Management of complications involves antibiotics, further surgical interventions, or other medical treatments as required.

Benefits

  • Alleviation of urinary symptoms
  • Improved urine flow and stream
  • Reduced risk of urinary tract infections
  • Enhanced quality of life Improvements are often noted within a few weeks post-surgery.

Recovery

  • Hospital stay of 1 to 2 days post-surgery
  • Catheter placement for a few weeks to ensure proper healing
  • Pain management with prescribed medications
  • Instructions for catheter care and hygiene
  • Follow-up appointments for catheter removal and assessment of the surgical outcome
  • Avoiding strenuous activities for 4 to 6 weeks

Alternatives

  • Urethral dilation: A less invasive procedure but often has temporary results and may require repeated sessions.
  • Internal urethrotomy: Endoscopic procedure to incise the stricture, typically with a higher recurrence rate.
  • Permanent catheterization or suprapubic catheter: When surgery is not feasible, although less desirable due to lifestyle impact.

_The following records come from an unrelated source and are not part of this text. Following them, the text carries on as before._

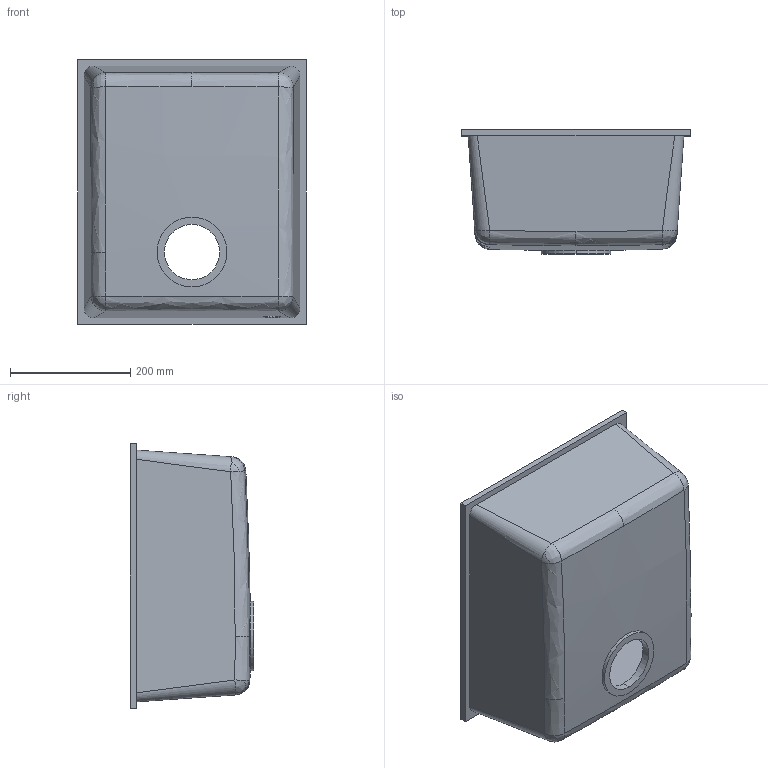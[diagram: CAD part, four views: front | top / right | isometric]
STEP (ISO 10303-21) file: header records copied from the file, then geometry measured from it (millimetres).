
FILE_DESCRIPTION (( 'STEP AP203' ), '1' );
FILE_NAME ('Quadra 100_sottotop.STEP', '2018-10-11T06:55:33', ( '' ), ( '' ), 'SwSTEP 2.0', 'SolidWorks 2013', '' );
FILE_SCHEMA (( 'CONFIG_CONTROL_DESIGN' ));
Length unit declared in the file: millimetre
Products named in the file (1): Quadra 100_sottotop
Bounding box: 380 x 205.79 x 440 mm (x, y, z)
Volume: 4001261.4 mm3; surface area: 818054.4 mm2
Topology: 1 solids, 1 shells, 69 faces, 154 edges, 90 vertices
Faces by surface type: bspline 42, plane 15, cylinder 10, cone 2
Entity records: 4754 total; most frequent: CARTESIAN_POINT 3368, ORIENTED_EDGE 308, DIRECTION 232, EDGE_CURVE 154, AXIS2_PLACEMENT_3D 100, VERTEX_POINT 90, EDGE_LOOP 76, CIRCLE 72
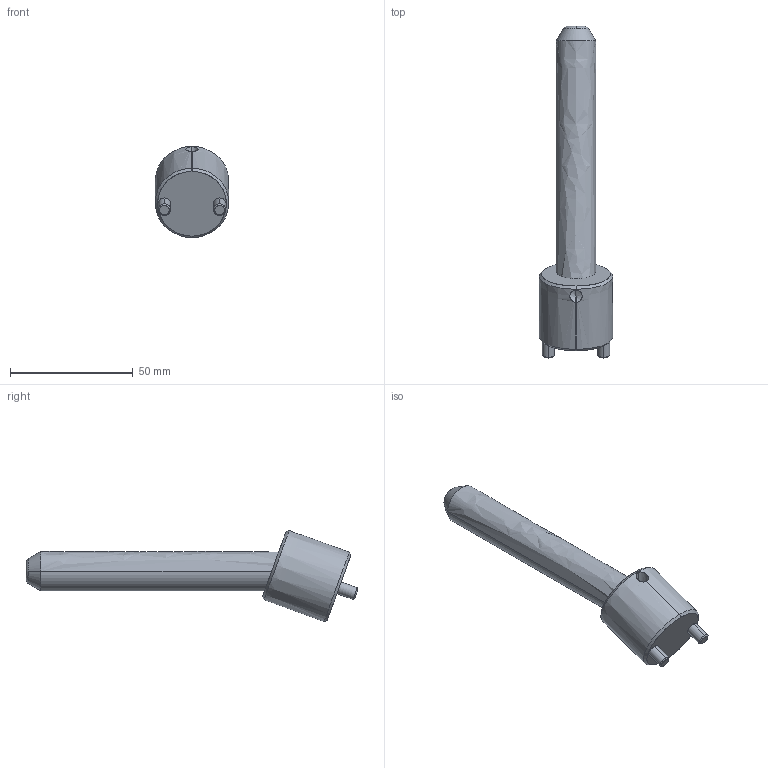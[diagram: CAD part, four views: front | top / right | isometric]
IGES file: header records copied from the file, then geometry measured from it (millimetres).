
Start section: SolidWorks IGES file using analytic representation for surfaces
Global section: file name: D:\Current\W1\Data\CI2016100\CI2016100.IGS; native system: SolidWorks 2017; preprocessor: SolidWorks 2017; author: Ravi Kalvai; date: 231207.180729; units: millimetre
Bounding box: 30 x 135.07 x 37.08 mm (x, y, z)
Surface area: 11949 mm2 (no closed solid volume)
Topology: 0 solids, 0 shells, 37 faces, 728 edges, 726 vertices
Faces by surface type: revolution 28, bspline 9
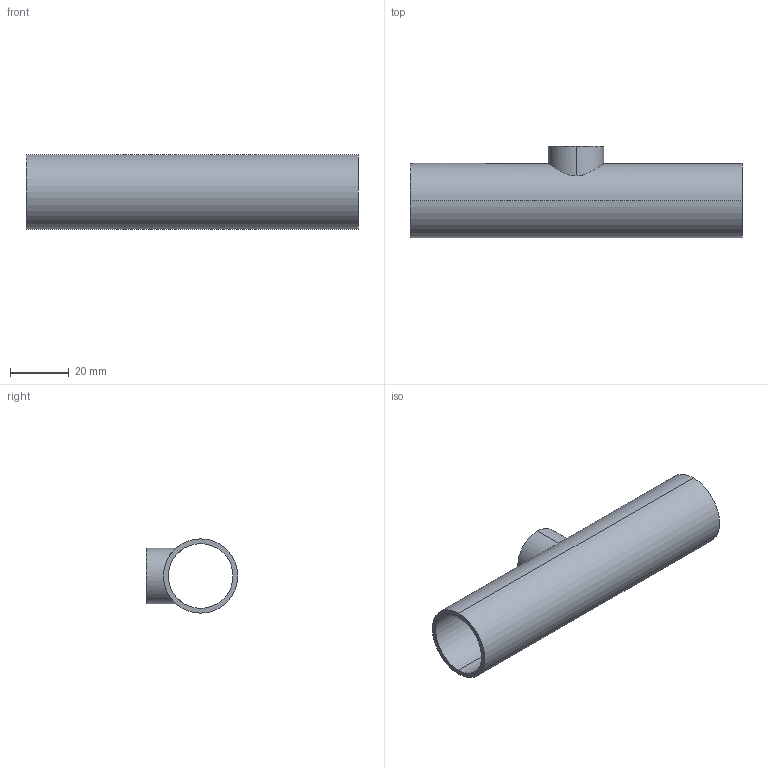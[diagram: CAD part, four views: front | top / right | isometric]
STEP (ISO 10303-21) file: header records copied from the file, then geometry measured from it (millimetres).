
FILE_DESCRIPTION (( 'STEP AP214' ), '1' );
FILE_NAME ('TEG7RS6L1.0x.75-...STEP', '2016-05-24T08:12:07', ( 'eran' ), ( '' ), 'SwSTEP 2.0', 'SolidWorks 2016', '' );
FILE_SCHEMA (( 'AUTOMOTIVE_DESIGN' ));
Length unit declared in the file: millimetre
Products named in the file (1): TEG7RS6L1.0x.75-..
Bounding box: 113.4 x 31.3 x 25.4 mm (x, y, z)
Volume: 14301 mm3; surface area: 17663.7 mm2
Topology: 1 solids, 1 shells, 11 faces, 24 edges, 16 vertices
Faces by surface type: cylinder 8, plane 3
Entity records: 532 total; most frequent: CARTESIAN_POINT 240, DIRECTION 56, ORIENTED_EDGE 48, AXIS2_PLACEMENT_3D 24, EDGE_CURVE 24, EDGE_LOOP 16, VERTEX_POINT 16, CIRCLE 12
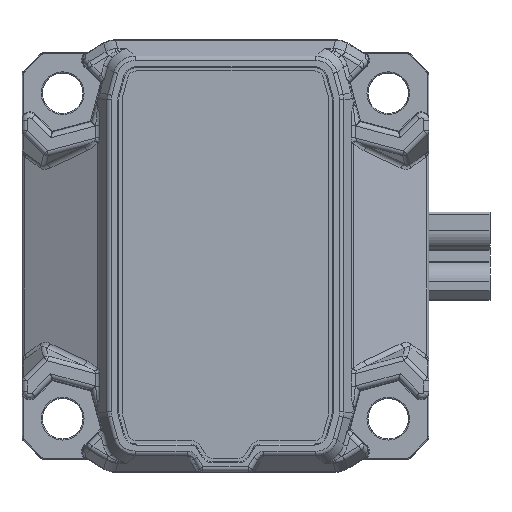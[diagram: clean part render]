
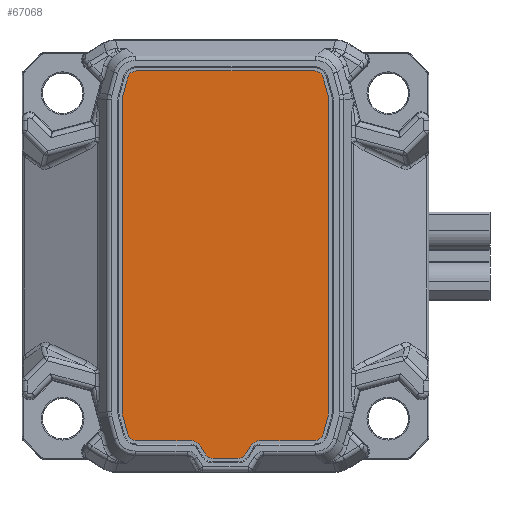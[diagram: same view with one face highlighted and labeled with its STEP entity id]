
A CAD part, top view. The second image highlights one B-rep face of the part: STEP entity #67068.
In plain terms, the highlighted planar face has unit normal (0, 0, 1).
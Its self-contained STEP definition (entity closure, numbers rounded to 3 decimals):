
#4999=PLANE('',#73884);
#8826=FACE_OUTER_BOUND('',#13111,.T.);
#13111=EDGE_LOOP('',(#60707,#60708,#60709,#60710,#60711,#60712,#60713,#60714,
#60715,#60716,#60717,#60718,#60719,#60720,#60721,#60722,#60723,#60724,#60725,
#60726,#60727,#60728,#60729,#60730));
#16443=CIRCLE('',#73837,0.92);
#16445=CIRCLE('',#73841,0.92);
#16447=CIRCLE('',#73845,0.92);
#16449=CIRCLE('',#73849,0.92);
#16451=CIRCLE('',#73853,0.92);
#16453=CIRCLE('',#73857,0.92);
#16455=CIRCLE('',#73861,1.08);
#16457=CIRCLE('',#73865,0.92);
#16459=CIRCLE('',#73869,0.92);
#16461=CIRCLE('',#73873,1.08);
#16463=CIRCLE('',#73877,0.92);
#16465=CIRCLE('',#73881,0.92);
#21238=LINE('',#130653,#25996);
#21242=LINE('',#130665,#26000);
#21246=LINE('',#130677,#26004);
#21250=LINE('',#130689,#26008);
#21254=LINE('',#130701,#26012);
#21258=LINE('',#130713,#26016);
#21262=LINE('',#130725,#26020);
#21266=LINE('',#130737,#26024);
#21270=LINE('',#130749,#26028);
#21274=LINE('',#130761,#26032);
#21278=LINE('',#130773,#26036);
#21282=LINE('',#130784,#26040);
#25996=VECTOR('',#91564,10.);
#26000=VECTOR('',#91576,10.);
#26004=VECTOR('',#91588,10.);
#26008=VECTOR('',#91600,10.);
#26012=VECTOR('',#91612,10.);
#26016=VECTOR('',#91624,10.);
#26020=VECTOR('',#91636,10.);
#26024=VECTOR('',#91648,10.);
#26028=VECTOR('',#91660,10.);
#26032=VECTOR('',#91672,10.);
#26036=VECTOR('',#91684,10.);
#26040=VECTOR('',#91696,10.);
#31862=VERTEX_POINT('',#130643);
#31863=VERTEX_POINT('',#130644);
#31866=VERTEX_POINT('',#130652);
#31868=VERTEX_POINT('',#130658);
#31870=VERTEX_POINT('',#130664);
#31872=VERTEX_POINT('',#130670);
#31874=VERTEX_POINT('',#130676);
#31876=VERTEX_POINT('',#130682);
#31878=VERTEX_POINT('',#130688);
#31880=VERTEX_POINT('',#130694);
#31882=VERTEX_POINT('',#130700);
#31884=VERTEX_POINT('',#130706);
#31886=VERTEX_POINT('',#130712);
#31888=VERTEX_POINT('',#130718);
#31890=VERTEX_POINT('',#130724);
#31892=VERTEX_POINT('',#130730);
#31894=VERTEX_POINT('',#130736);
#31896=VERTEX_POINT('',#130742);
#31898=VERTEX_POINT('',#130748);
#31900=VERTEX_POINT('',#130754);
#31902=VERTEX_POINT('',#130760);
#31904=VERTEX_POINT('',#130766);
#31906=VERTEX_POINT('',#130772);
#31908=VERTEX_POINT('',#130778);
#41506=EDGE_CURVE('',#31862,#31863,#16443,.T.);
#41510=EDGE_CURVE('',#31863,#31866,#21238,.T.);
#41513=EDGE_CURVE('',#31866,#31868,#16445,.T.);
#41516=EDGE_CURVE('',#31868,#31870,#21242,.T.);
#41519=EDGE_CURVE('',#31870,#31872,#16447,.T.);
#41522=EDGE_CURVE('',#31872,#31874,#21246,.T.);
#41525=EDGE_CURVE('',#31874,#31876,#16449,.T.);
#41528=EDGE_CURVE('',#31876,#31878,#21250,.T.);
#41531=EDGE_CURVE('',#31878,#31880,#16451,.T.);
#41534=EDGE_CURVE('',#31880,#31882,#21254,.T.);
#41537=EDGE_CURVE('',#31882,#31884,#16453,.T.);
#41540=EDGE_CURVE('',#31884,#31886,#21258,.T.);
#41543=EDGE_CURVE('',#31886,#31888,#16455,.T.);
#41546=EDGE_CURVE('',#31888,#31890,#21262,.T.);
#41549=EDGE_CURVE('',#31890,#31892,#16457,.T.);
#41552=EDGE_CURVE('',#31892,#31894,#21266,.T.);
#41555=EDGE_CURVE('',#31894,#31896,#16459,.T.);
#41558=EDGE_CURVE('',#31896,#31898,#21270,.T.);
#41561=EDGE_CURVE('',#31898,#31900,#16461,.T.);
#41564=EDGE_CURVE('',#31900,#31902,#21274,.T.);
#41567=EDGE_CURVE('',#31902,#31904,#16463,.T.);
#41570=EDGE_CURVE('',#31904,#31906,#21278,.T.);
#41573=EDGE_CURVE('',#31906,#31908,#16465,.T.);
#41576=EDGE_CURVE('',#31908,#31862,#21282,.T.);
#60707=ORIENTED_EDGE('',*,*,#41506,.F.);
#60708=ORIENTED_EDGE('',*,*,#41576,.F.);
#60709=ORIENTED_EDGE('',*,*,#41573,.F.);
#60710=ORIENTED_EDGE('',*,*,#41570,.F.);
#60711=ORIENTED_EDGE('',*,*,#41567,.F.);
#60712=ORIENTED_EDGE('',*,*,#41564,.F.);
#60713=ORIENTED_EDGE('',*,*,#41561,.F.);
#60714=ORIENTED_EDGE('',*,*,#41558,.F.);
#60715=ORIENTED_EDGE('',*,*,#41555,.F.);
#60716=ORIENTED_EDGE('',*,*,#41552,.F.);
#60717=ORIENTED_EDGE('',*,*,#41549,.F.);
#60718=ORIENTED_EDGE('',*,*,#41546,.F.);
#60719=ORIENTED_EDGE('',*,*,#41543,.F.);
#60720=ORIENTED_EDGE('',*,*,#41540,.F.);
#60721=ORIENTED_EDGE('',*,*,#41537,.F.);
#60722=ORIENTED_EDGE('',*,*,#41534,.F.);
#60723=ORIENTED_EDGE('',*,*,#41531,.F.);
#60724=ORIENTED_EDGE('',*,*,#41528,.F.);
#60725=ORIENTED_EDGE('',*,*,#41525,.F.);
#60726=ORIENTED_EDGE('',*,*,#41522,.F.);
#60727=ORIENTED_EDGE('',*,*,#41519,.F.);
#60728=ORIENTED_EDGE('',*,*,#41516,.F.);
#60729=ORIENTED_EDGE('',*,*,#41513,.F.);
#60730=ORIENTED_EDGE('',*,*,#41510,.F.);
#67068=ADVANCED_FACE('',(#8826),#4999,.T.);
#73837=AXIS2_PLACEMENT_3D('',#130645,#91556,#91557);
#73841=AXIS2_PLACEMENT_3D('',#130659,#91569,#91570);
#73845=AXIS2_PLACEMENT_3D('',#130671,#91581,#91582);
#73849=AXIS2_PLACEMENT_3D('',#130683,#91593,#91594);
#73853=AXIS2_PLACEMENT_3D('',#130695,#91605,#91606);
#73857=AXIS2_PLACEMENT_3D('',#130707,#91617,#91618);
#73861=AXIS2_PLACEMENT_3D('',#130719,#91629,#91630);
#73865=AXIS2_PLACEMENT_3D('',#130731,#91641,#91642);
#73869=AXIS2_PLACEMENT_3D('',#130743,#91653,#91654);
#73873=AXIS2_PLACEMENT_3D('',#130755,#91665,#91666);
#73877=AXIS2_PLACEMENT_3D('',#130767,#91677,#91678);
#73881=AXIS2_PLACEMENT_3D('',#130779,#91689,#91690);
#73884=AXIS2_PLACEMENT_3D('',#130786,#91698,#91699);
#91556=DIRECTION('center_axis',(0.,0.,-1.));
#91557=DIRECTION('ref_axis',(-0.966,0.259,0.));
#91564=DIRECTION('',(0.259,0.966,0.));
#91569=DIRECTION('center_axis',(0.,0.,-1.));
#91570=DIRECTION('ref_axis',(0.,1.,0.));
#91576=DIRECTION('',(1.,0.,0.));
#91581=DIRECTION('center_axis',(0.,0.,-1.));
#91582=DIRECTION('ref_axis',(0.966,0.259,0.));
#91588=DIRECTION('',(0.259,-0.966,0.));
#91593=DIRECTION('center_axis',(0.,0.,-1.));
#91594=DIRECTION('ref_axis',(1.,0.,0.));
#91600=DIRECTION('',(0.,-1.,0.));
#91605=DIRECTION('center_axis',(0.,0.,-1.));
#91606=DIRECTION('ref_axis',(0.966,-0.259,0.));
#91612=DIRECTION('',(-0.259,-0.966,0.));
#91617=DIRECTION('center_axis',(0.,0.,-1.));
#91618=DIRECTION('ref_axis',(0.,-1.,0.));
#91624=DIRECTION('',(-1.,0.,0.));
#91629=DIRECTION('center_axis',(0.,0.,1.));
#91630=DIRECTION('ref_axis',(0.,1.,0.));
#91636=DIRECTION('',(-0.5,-0.866,0.));
#91641=DIRECTION('center_axis',(0.,0.,-1.));
#91642=DIRECTION('ref_axis',(0.,-1.,0.));
#91648=DIRECTION('',(-1.,0.,0.));
#91653=DIRECTION('center_axis',(0.,0.,-1.));
#91654=DIRECTION('ref_axis',(-0.866,-0.5,0.));
#91660=DIRECTION('',(-0.5,0.866,0.));
#91665=DIRECTION('center_axis',(0.,0.,1.));
#91666=DIRECTION('ref_axis',(0.866,0.5,0.));
#91672=DIRECTION('',(-1.,0.,0.));
#91677=DIRECTION('center_axis',(0.,0.,-1.));
#91678=DIRECTION('ref_axis',(-0.966,-0.259,0.));
#91684=DIRECTION('',(-0.259,0.966,0.));
#91689=DIRECTION('center_axis',(0.,0.,-1.));
#91690=DIRECTION('ref_axis',(-1.,0.,0.));
#91696=DIRECTION('',(0.,1.,0.));
#91698=DIRECTION('center_axis',(0.,0.,1.));
#91699=DIRECTION('ref_axis',(1.,0.,0.));
#130643=CARTESIAN_POINT('',(-10.17,15.305,0.15));
#130644=CARTESIAN_POINT('',(-10.139,15.543,0.15));
#130645=CARTESIAN_POINT('Origin',(-9.25,15.305,0.15));
#130652=CARTESIAN_POINT('',(-9.617,17.488,0.15));
#130653=CARTESIAN_POINT('',(-11.591,10.124,0.15));
#130658=CARTESIAN_POINT('',(-8.729,18.17,0.15));
#130659=CARTESIAN_POINT('Origin',(-8.729,17.25,0.15));
#130664=CARTESIAN_POINT('',(8.729,18.17,0.15));
#130665=CARTESIAN_POINT('',(4.364,18.17,0.15));
#130670=CARTESIAN_POINT('',(9.617,17.488,0.15));
#130671=CARTESIAN_POINT('Origin',(8.729,17.25,0.15));
#130676=CARTESIAN_POINT('',(10.139,15.543,0.15));
#130677=CARTESIAN_POINT('',(11.851,9.151,0.15));
#130682=CARTESIAN_POINT('',(10.17,15.305,0.15));
#130683=CARTESIAN_POINT('Origin',(9.25,15.305,0.15));
#130688=CARTESIAN_POINT('',(10.17,-15.305,0.15));
#130689=CARTESIAN_POINT('',(10.17,-8.09,0.15));
#130694=CARTESIAN_POINT('',(10.139,-15.543,0.15));
#130695=CARTESIAN_POINT('Origin',(9.25,-15.305,0.15));
#130700=CARTESIAN_POINT('',(9.617,-17.488,0.15));
#130701=CARTESIAN_POINT('',(11.372,-10.94,0.15));
#130706=CARTESIAN_POINT('',(8.729,-18.17,0.15));
#130707=CARTESIAN_POINT('Origin',(8.729,-17.25,0.15));
#130712=CARTESIAN_POINT('',(3.377,-18.17,0.15));
#130713=CARTESIAN_POINT('',(1.689,-18.17,0.15));
#130718=CARTESIAN_POINT('',(2.442,-18.71,0.15));
#130719=CARTESIAN_POINT('Origin',(3.377,-19.25,0.15));
#130724=CARTESIAN_POINT('',(2.009,-19.46,0.15));
#130725=CARTESIAN_POINT('',(5.782,-12.926,0.15));
#130730=CARTESIAN_POINT('',(1.212,-19.92,0.15));
#130731=CARTESIAN_POINT('Origin',(1.212,-19.,0.15));
#130736=CARTESIAN_POINT('',(-1.212,-19.92,0.15));
#130737=CARTESIAN_POINT('',(-0.606,-19.92,0.15));
#130742=CARTESIAN_POINT('',(-2.009,-19.46,0.15));
#130743=CARTESIAN_POINT('Origin',(-1.212,-19.,0.15));
#130748=CARTESIAN_POINT('',(-2.442,-18.71,0.15));
#130749=CARTESIAN_POINT('',(-5.998,-12.551,0.15));
#130754=CARTESIAN_POINT('',(-3.377,-18.17,0.15));
#130755=CARTESIAN_POINT('Origin',(-3.377,-19.25,0.15));
#130760=CARTESIAN_POINT('',(-8.729,-18.17,0.15));
#130761=CARTESIAN_POINT('',(-4.364,-18.17,0.15));
#130766=CARTESIAN_POINT('',(-9.617,-17.488,0.15));
#130767=CARTESIAN_POINT('Origin',(-8.729,-17.25,0.15));
#130772=CARTESIAN_POINT('',(-10.139,-15.543,0.15));
#130773=CARTESIAN_POINT('',(-11.633,-9.967,0.15));
#130778=CARTESIAN_POINT('',(-10.17,-15.305,0.15));
#130779=CARTESIAN_POINT('Origin',(-9.25,-15.305,0.15));
#130784=CARTESIAN_POINT('',(-10.17,7.215,0.15));
#130786=CARTESIAN_POINT('Origin',(0.,-0.875,
0.15));

Each alternative has its own advantages and disadvantages that should be discussed with a healthcare provider.

Patient Experience

  • During the procedure, the patient is under anesthesia and should not feel pain.
  • Post-operatively, mild to moderate pain and discomfort can be expected, managed by prescribed pain medications.
  • Discomfort from the catheter presence can be alleviated with proper care and hygiene.
  • Gradual improvement in urinary symptoms over the recovery period.

Pain management is an integral part of the post-operative care to ensure patient comfort.